Padding token ID. Positions with this token are ignored when computing caption loss.
local_loss
bool
default:"False"
If True, computes contrastive loss only between local and gathered features. See ClipLoss documentation for details.
gather_with_grad
bool
default:"False"
If True, gathers features with gradient flow enabled for contrastive loss.
cache_labels
bool
default:"False"
If True, caches ground truth labels for contrastive loss.
rank
int
default:"0"
Current process rank in distributed training.
world_size
int
default:"1"
Total number of processes in distributed training.
use_horovod
bool
default:"False"
If True, uses Horovod for distributed operations instead of torch.distributed.

Attributes

Inherits all attributes from ClipLoss, plus:
  • clip_loss_weight: Weight for contrastive loss component
  • caption_loss_weight: Weight for caption generation loss component
  • caption_loss: CrossEntropyLoss module with ignore_index=pad_id

Key Methods

forward

def forward(
    self,
    image_features: torch.Tensor,
    text_features: torch.Tensor,
    logits: torch.Tensor,
    labels: torch.Tensor,
    logit_scale: torch.Tensor,
    output_dict: bool = False,
) -> Union[Tuple[torch.Tensor, torch.Tensor], Dict[str, torch.Tensor]]:
Computes the combined CoCa loss. Parameters:
  • image_features: Normalized contrastive image features of shape (batch_size, embed_dim)
  • text_features: Normalized contrastive text features of shape (batch_size, embed_dim)
  • logits: Caption generation logits of shape (batch_size, seq_len, vocab_size)
  • labels: Target token IDs for caption generation of shape (batch_size, seq_len)
  • logit_scale: Temperature parameter for contrastive loss (typically model.logit_scale.exp())
  • output_dict: If True, returns dict with named losses, else returns tuple
Returns:
  • If output_dict=False: Tuple of (clip_loss, caption_loss) - both weighted by their respective coefficients
  • If output_dict=True: Dictionary with keys "contrastive_loss" and "caption_loss"

Usage Example

import torch
from open_clip import create_model, CoCaLoss

# Create CoCa model
model = create_model('coca_ViT-B-32', pretrained=False)

# Create loss function
loss_fn = CoCaLoss(
    caption_loss_weight=2.0,  # Caption loss is weighted 2x
    clip_loss_weight=1.0,     # Standard contrastive loss weight
    pad_id=0
)

# Training loop
images = torch.randn(16, 3, 224, 224)
captions = torch.randint(0, 49408, (16, 77))

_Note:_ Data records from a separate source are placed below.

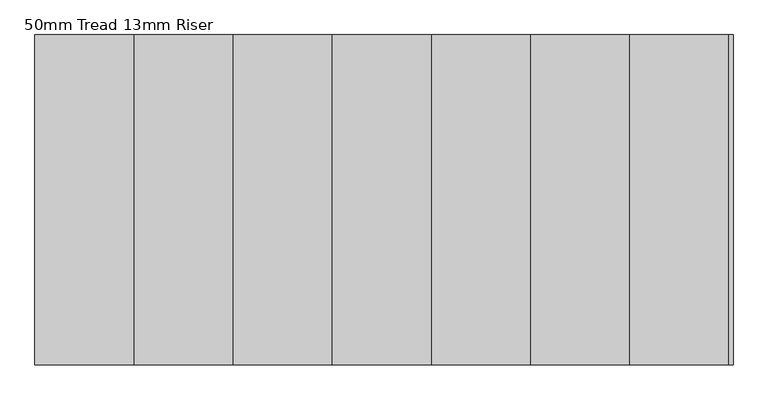
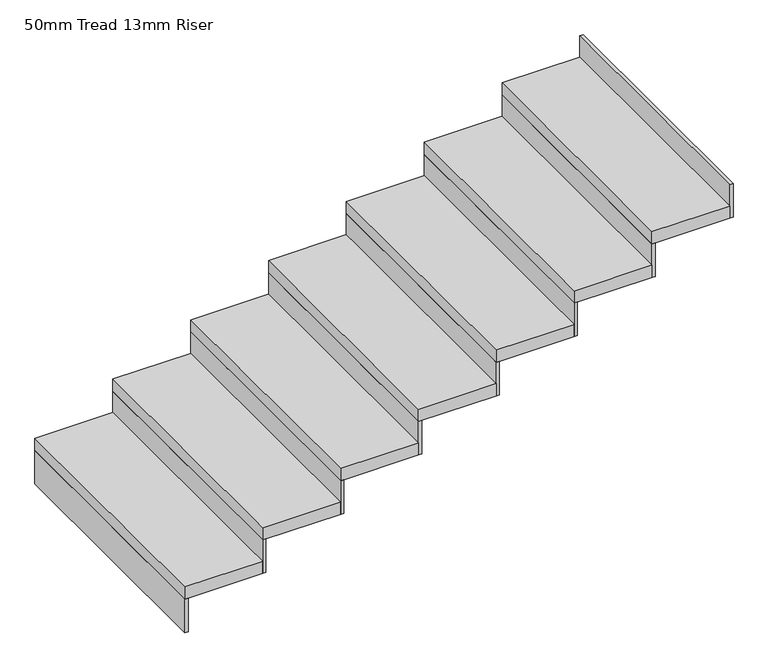
"""IFC4 building model written with IfcOpenShell, lengths in millimetres: stair flight geometry, 50mm Tread 13mm Riser."""

from ifc_helpers import new_model, si_unit, frame, origin, place, context, project, spatial, polyline, outline, extrude, source, transform, mapped, element, save


def stair_flight_50mm_tread_13mm_riser_37edc78a(model_context):
    return source(origin(), model_context, "Body", "SweptSolid", [
        extrude(outline(polyline([(-11937.8449834, -3240.1378151), (-11950.3449834, -3240.1378151), (-11950.3449834, -2240.1378151), (-11937.8449834, -2240.1378151), (-11937.8449834, -3240.1378151)])), frame((0.0, 0.0, 1859.0909091), z_axis=(0.0, 0.0, 1.0), x_axis=(1.0, 0.0, 0.0)), (0.0, 0.0, 1.0), 136.3636364),
        extrude(outline(polyline([(-11650.3449834, -2240.1378151), (-11650.3449834, -3240.1378151), (-11950.3449834, -3240.1378151), (-11950.3449834, -2240.1378151), (-11650.3449834, -2240.1378151)])), frame((0.0, 0.0, 1995.4545455), z_axis=(0.0, 0.0, 1.0), x_axis=(1.0, 0.0, 0.0)), (0.0, 0.0, 1.0), 50.0),
        extrude(outline(polyline([(-11637.8449834, -3240.1378151), (-11650.3449834, -3240.1378151), (-11650.3449834, -2240.1378151), (-11637.8449834, -2240.1378151), (-11637.8449834, -3240.1378151)])), frame((0.0, 0.0, 1995.4545455), z_axis=(0.0, 0.0, 1.0), x_axis=(1.0, 0.0, 0.0)), (0.0, 0.0, 1.0), 136.3636364),
        extrude(outline(polyline([(-11350.3449834, -2240.1378151), (-11350.3449834, -3240.1378151), (-11650.3449834, -3240.1378151), (-11650.3449834, -2240.1378151), (-11350.3449834, -2240.1378151)])), frame((0.0, 0.0, 2131.8181818), z_axis=(0.0, 0.0, 1.0), x_axis=(1.0, 0.0, 0.0)), (0.0, 0.0, 1.0), 50.0),
        extrude(outline(polyline([(-11337.8449834, -3240.1378151), (-11350.3449834, -3240.1378151), (-11350.3449834, -2240.1378151), (-11337.8449834, -2240.1378151), (-11337.8449834, -3240.1378151)])), frame((0.0, 0.0, 2131.8181818), z_axis=(0.0, 0.0, 1.0), x_axis=(1.0, 0.0, 0.0)), (0.0, 0.0, 1.0), 136.3636364),
        extrude(outline(polyline([(-11050.3449834, -2240.1378151), (-11050.3449834, -3240.1378151), (-11350.3449834, -3240.1378151), (-11350.3449834, -2240.1378151), (-11050.3449834, -2240.1378151)])), frame((0.0, 0.0, 2268.1818182), z_axis=(0.0, 0.0, 1.0), x_axis=(1.0, 0.0, 0.0)), (0.0, 0.0, 1.0), 50.0),
        extrude(outline(polyline([(-11037.8449834, -3240.1378151), (-11050.3449834, -3240.1378151), (-11050.3449834, -2240.1378151), (-11037.8449834, -2240.1378151), (-11037.8449834, -3240.1378151)])), frame((0.0, 0.0, 2268.1818182), z_axis=(0.0, 0.0, 1.0), x_axis=(1.0, 0.0, 0.0)), (0.0, 0.0, 1.0), 136.3636364),
        extrude(outline(polyline([(-10750.3449834, -2240.1378151), (-10750.3449834, -3240.1378151), (-11050.3449834, -3240.1378151), (-11050.3449834, -2240.1378151), (-10750.3449834, -2240.1378151)])), frame((0.0, 0.0, 2404.5454545), z_axis=(0.0, 0.0, 1.0), x_axis=(1.0, 0.0, 0.0)), (0.0, 0.0, 1.0), 50.0),
        extrude(outline(polyline([(-10737.8449834, -3240.1378151), (-10750.3449834, -3240.1378151), (-10750.3449834, -2240.1378151), (-10737.8449834, -2240.1378151), (-10737.8449834, -3240.1378151)])), frame((0.0, 0.0, 2404.5454545), z_axis=(0.0, 0.0, 1.0), x_axis=(1.0, 0.0, 0.0)), (0.0, 0.0, 1.0), 136.3636364),
        extrude(outline(polyline([(-10450.3449834, -2240.1378151), (-10450.3449834, -3240.1378151), (-10750.3449834, -3240.1378151), (-10750.3449834, -2240.1378151), (-10450.3449834, -2240.1378151)])), frame((0.0, 0.0, 2540.9090909), z_axis=(0.0, 0.0, 1.0), x_axis=(1.0, 0.0, 0.0)), (0.0, 0.0, 1.0), 50.0),
        extrude(outline(polyline([(-10437.8449834, -3240.1378151), (-10450.3449834, -3240.1378151), (-10450.3449834, -2240.1378151), (-10437.8449834, -2240.1378151), (-10437.8449834, -3240.1378151)])), frame((0.0, 0.0, 2540.9090909), z_axis=(0.0, 0.0, 1.0), x_axis=(1.0, 0.0, 0.0)), (0.0, 0.0, 1.0), 136.3636364),
        extrude(outline(polyline([(-10150.3449834, -2240.1378151), (-10150.3449834, -3240.1378151), (-10450.3449834, -3240.1378151), (-10450.3449834, -2240.1378151), (-10150.3449834, -2240.1378151)])), frame((0.0, 0.0, 2677.2727273), z_axis=(0.0, 0.0, 1.0), x_axis=(1.0, 0.0, 0.0)), (0.0, 0.0, 1.0), 50.0),
        extrude(outline(polyline([(-10137.8449834, -3240.1378151), (-10150.3449834, -3240.1378151), (-10150.3449834, -2240.1378151), (-10137.8449834, -2240.1378151), (-10137.8449834, -3240.1378151)])), frame((0.0, 0.0, 2677.2727273), z_axis=(0.0, 0.0, 1.0), x_axis=(1.0, 0.0, 0.0)), (0.0, 0.0, 1.0), 136.3636364),
        extrude(outline(polyline([(-9850.3449834, -2240.1378151), (-9850.3449834, -3240.1378151), (-10150.3449834, -3240.1378151), (-10150.3449834, -2240.1378151), (-9850.3449834, -2240.1378151)])), frame((0.0, 0.0, 2813.6363636), z_axis=(0.0, 0.0, 1.0), x_axis=(1.0, 0.0, 0.0)), (0.0, 0.0, 1.0), 50.0),
        extrude(outline(polyline([(-9837.8449834, -3240.1378151), (-9850.3449834, -3240.1378151), (-9850.3449834, -2240.1378151), (-9837.8449834, -2240.1378151), (-9837.8449834, -3240.1378151)])), frame((0.0, 0.0, 2813.6363636), z_axis=(0.0, 0.0, 1.0), x_axis=(1.0, 0.0, 0.0)), (0.0, 0.0, 1.0), 136.3636364),
    ])


if __name__ == "__main__":
    model = new_model("IFC4")
    model_context = context("Model", 3, world=origin())
    ifc_project = project(units=[si_unit("LENGTHUNIT", "METRE", prefix="MILLI")], contexts=[model_context])
    site = spatial("IfcSite", under=ifc_project)
    building = spatial("IfcBuilding", under=site)
    placement = place(None, origin())
    stair_flight_50mm_tread_13mm_riser_shape = stair_flight_50mm_tread_13mm_riser_37edc78a(model_context)
    element("IfcStairFlight", 1, ObjectType="50mm Tread 13mm Riser", at=placement, inside=building, context=model_context, shape_type="MappedRepresentation", body=[
        mapped(stair_flight_50mm_tread_13mm_riser_shape, transform((0.0, 0.0, 0.0), x_axis=(1.0, 0.0, 0.0), y_axis=(0.0, 1.0, 0.0), z_axis=(0.0, 0.0, 1.0))),
    ])
    save(model, "model.ifc")

# Forward pass through model
output = model(images, captions)

# Extract required tensors
image_features = output['image_features']  # Contrastive features
text_features = output['text_features']    # Contrastive features
logits = output['logits']                  # Caption logits
labels = output['labels']                  # Shifted caption targets
logit_scale = output['logit_scale']

# Compute loss
clip_loss, caption_loss = loss_fn(
    image_features,
    text_features,
    logits,
    labels,
    logit_scale
)

total_loss = clip_loss + caption_loss
total_loss.backward()

Distributed Training Example

import torch.distributed as dist
from open_clip import create_model, CoCaLoss

# Initialize distributed
dist.init_process_group(backend='nccl')
rank = dist.get_rank()
world_size = dist.get_world_size()

# Create model and loss
model = create_model('coca_ViT-L-14').to(rank)
model = torch.nn.parallel.DistributedDataParallel(model, device_ids=[rank])

loss_fn = CoCaLoss(
    caption_loss_weight=2.0,
    clip_loss_weight=1.0,
    pad_id=0,
    rank=rank,
    world_size=world_size,
    cache_labels=True
)

for images, captions in dataloader:
    images = images.to(rank)
    captions = captions.to(rank)
    
    output = model(images, captions)
    
    clip_loss, caption_loss = loss_fn(
        output['image_features'],
        output['text_features'],
        output['logits'],
        output['labels'],
        output['logit_scale']
    )
    
    total_loss = clip_loss + caption_loss
    total_loss.backward()
    optimizer.step()
    optimizer.zero_grad()

Dictionary Output for Logging

loss_fn = CoCaLoss(
    caption_loss_weight=2.0,
    clip_loss_weight=1.0
)

output = model(images, captions)

loss_dict = loss_fn(
    output['image_features'],
    output['text_features'],
    output['logits'],
    output['labels'],
    output['logit_scale'],
    output_dict=True
)

print(loss_dict)
# {'contrastive_loss': tensor(4.2), 'caption_loss': tensor(3.1)}

# Easy logging to wandb/tensorboard
for key, value in loss_dict.items():
    logger.log({key: value.item()})

Caption-Only Training

# Train only the caption decoder (freeze contrastive learning)
loss_fn = CoCaLoss(
    caption_loss_weight=1.0,
    clip_loss_weight=0.0,  # Disable contrastive loss
    pad_id=0
)

# Clip loss will be zero tensor (no backward pass)
clip_loss, caption_loss = loss_fn(...)
print(clip_loss)  # tensor(0.)

Custom Loss Weighting Strategy

class AdaptiveCoCaLoss(CoCaLoss):
    """Dynamically adjust loss weights during training."""
    
    def __init__(self, *args, initial_caption_weight=2.0, **kwargs):
        super().__init__(
            caption_loss_weight=initial_caption_weight,
            *args,
            **kwargs
        )
        self.step = 0
    
    def forward(self, *args, **kwargs):
        # Gradually increase caption loss weight
        self.caption_loss_weight = 2.0 + (self.step / 10000)
        self.step += 1
        return super().forward(*args, **kwargs)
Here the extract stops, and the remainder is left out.